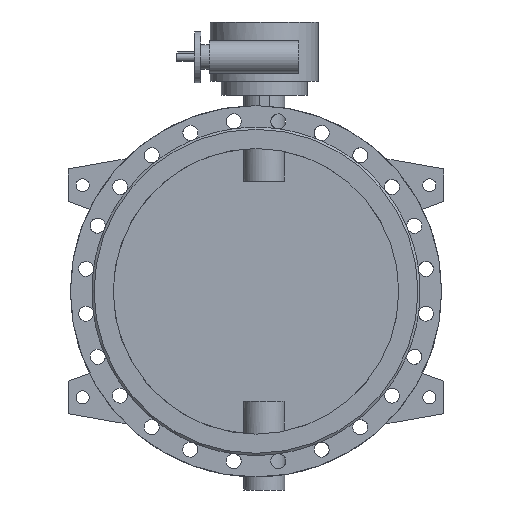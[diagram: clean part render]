
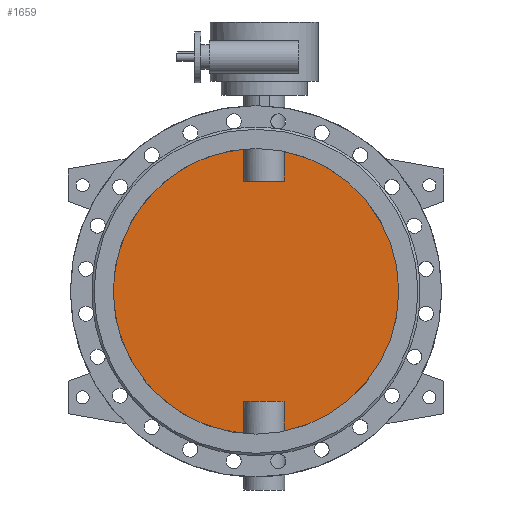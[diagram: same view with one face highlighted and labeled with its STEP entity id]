
A CAD part, front view. The second image highlights one B-rep face of the part: STEP entity #1659.
In plain terms, the highlighted planar face has unit normal (0, -1, 0).
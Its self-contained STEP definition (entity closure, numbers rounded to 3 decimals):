
#1659=ADVANCED_FACE('',(#3387),#3389,.F.);
#3387=FACE_BOUND('',#3388,.T.);
#3388=EDGE_LOOP('',(#4580,#4581,#4582,#4583,#4584,#4585,#4586,#4587));
#3389=PLANE('',#3390);
#3390=AXIS2_PLACEMENT_3D('',#3391,#3392,#3393);
#3391=CARTESIAN_POINT('',(0.,-5.,0.));
#3392=DIRECTION('',(0.,1.,0.));
#3393=DIRECTION('',(1.,0.,0.));
#4580=ORIENTED_EDGE('',*,*,#5172,.T.);
#4581=ORIENTED_EDGE('',*,*,#5182,.T.);
#4582=ORIENTED_EDGE('',*,*,#5183,.T.);
#4583=ORIENTED_EDGE('',*,*,#5184,.T.);
#4584=ORIENTED_EDGE('',*,*,#5174,.T.);
#4585=ORIENTED_EDGE('',*,*,#5185,.T.);
#4586=ORIENTED_EDGE('',*,*,#5186,.T.);
#4587=ORIENTED_EDGE('',*,*,#5187,.T.);
#5172=EDGE_CURVE('',#6143,#6144,#6145,.F.);
#5174=EDGE_CURVE('',#6148,#6146,#6149,.F.);
#5182=EDGE_CURVE('',#6144,#6163,#6164,.T.);
#5183=EDGE_CURVE('',#6163,#6165,#6166,.F.);
#5184=EDGE_CURVE('',#6165,#6148,#6167,.F.);
#5185=EDGE_CURVE('',#6146,#6168,#6169,.F.);
#5186=EDGE_CURVE('',#6168,#6170,#6171,.F.);
#5187=EDGE_CURVE('',#6170,#6143,#6172,.T.);
#6143=VERTEX_POINT('',#11034);
#6144=VERTEX_POINT('',#11035);
#6145=CIRCLE('',#11036,350.);
#6146=VERTEX_POINT('',#11040);
#6148=VERTEX_POINT('',#11082);
#6149=CIRCLE('',#11083,350.);
#6163=VERTEX_POINT('',#11225);
#6164=LINE('',#11226,#11227);
#6165=VERTEX_POINT('',#11229);
#6166=LINE('',#11230,#11231);
#6167=LINE('',#11233,#11234);
#6168=VERTEX_POINT('',#11236);
#6169=LINE('',#11237,#11238);
#6170=VERTEX_POINT('',#11240);
#6171=LINE('',#11241,#11242);
#6172=LINE('',#11244,#11245);
#11034=CARTESIAN_POINT('',(69.749,-5.,-342.98));
#11035=CARTESIAN_POINT('',(69.749,-5.,342.98));
#11036=AXIS2_PLACEMENT_3D('',#11037,#11038,#11039);
#11037=CARTESIAN_POINT('',(0.,-5.,0.));
#11038=DIRECTION('',(0.,1.,0.));
#11039=DIRECTION('',(0.199,0.,0.98));
#11040=CARTESIAN_POINT('',(-29.749,-5.,-348.733));
#11082=CARTESIAN_POINT('',(-29.749,-5.,348.733));
#11083=AXIS2_PLACEMENT_3D('',#11084,#11085,#11086);
#11084=CARTESIAN_POINT('',(0.,-5.,0.));
#11085=DIRECTION('',(0.,1.,0.));
#11086=DIRECTION('',(-0.085,0.,-0.996));
#11225=CARTESIAN_POINT('',(69.749,-5.,270.));
#11226=CARTESIAN_POINT('',(69.749,-5.,342.98));
#11227=VECTOR('',#11228,1.);
#11228=DIRECTION('',(0.,0.,-1.));
#11229=CARTESIAN_POINT('',(-29.749,-5.,270.));
#11230=CARTESIAN_POINT('',(-29.749,-5.,270.));
#11231=VECTOR('',#11232,1.);
#11232=DIRECTION('',(1.,0.,0.));
#11233=CARTESIAN_POINT('',(-29.749,-5.,348.733));
#11234=VECTOR('',#11235,1.);
#11235=DIRECTION('',(0.,0.,-1.));
#11236=CARTESIAN_POINT('',(-29.749,-5.,-270.));
#11237=CARTESIAN_POINT('',(-29.749,-5.,-270.));
#11238=VECTOR('',#11239,1.);
#11239=DIRECTION('',(0.,0.,-1.));
#11240=CARTESIAN_POINT('',(69.749,-5.,-270.));
#11241=CARTESIAN_POINT('',(69.749,-5.,-270.));
#11242=VECTOR('',#11243,1.);
#11243=DIRECTION('',(-1.,0.,0.));
#11244=CARTESIAN_POINT('',(69.749,-5.,-270.));
#11245=VECTOR('',#11246,1.);
#11246=DIRECTION('',(0.,0.,-1.));

# # #

**DESCRIPTION OF THE TASK**.
Using the listing above, list every line in which the string "DIRECTION" occurs.

**ANSWER BOX**.
#3392=DIRECTION('',(0.,1.,0.));
#3393=DIRECTION('',(1.,0.,0.));
#11038=DIRECTION('',(0.,1.,0.));
#11039=DIRECTION('',(0.199,0.,0.98));
#11085=DIRECTION('',(0.,1.,0.));
#11086=DIRECTION('',(-0.085,0.,-0.996));
#11228=DIRECTION('',(0.,0.,-1.));
#11232=DIRECTION('',(1.,0.,0.));
#11235=DIRECTION('',(0.,0.,-1.));
#11239=DIRECTION('',(0.,0.,-1.));
#11243=DIRECTION('',(-1.,0.,0.));
#11246=DIRECTION('',(0.,0.,-1.));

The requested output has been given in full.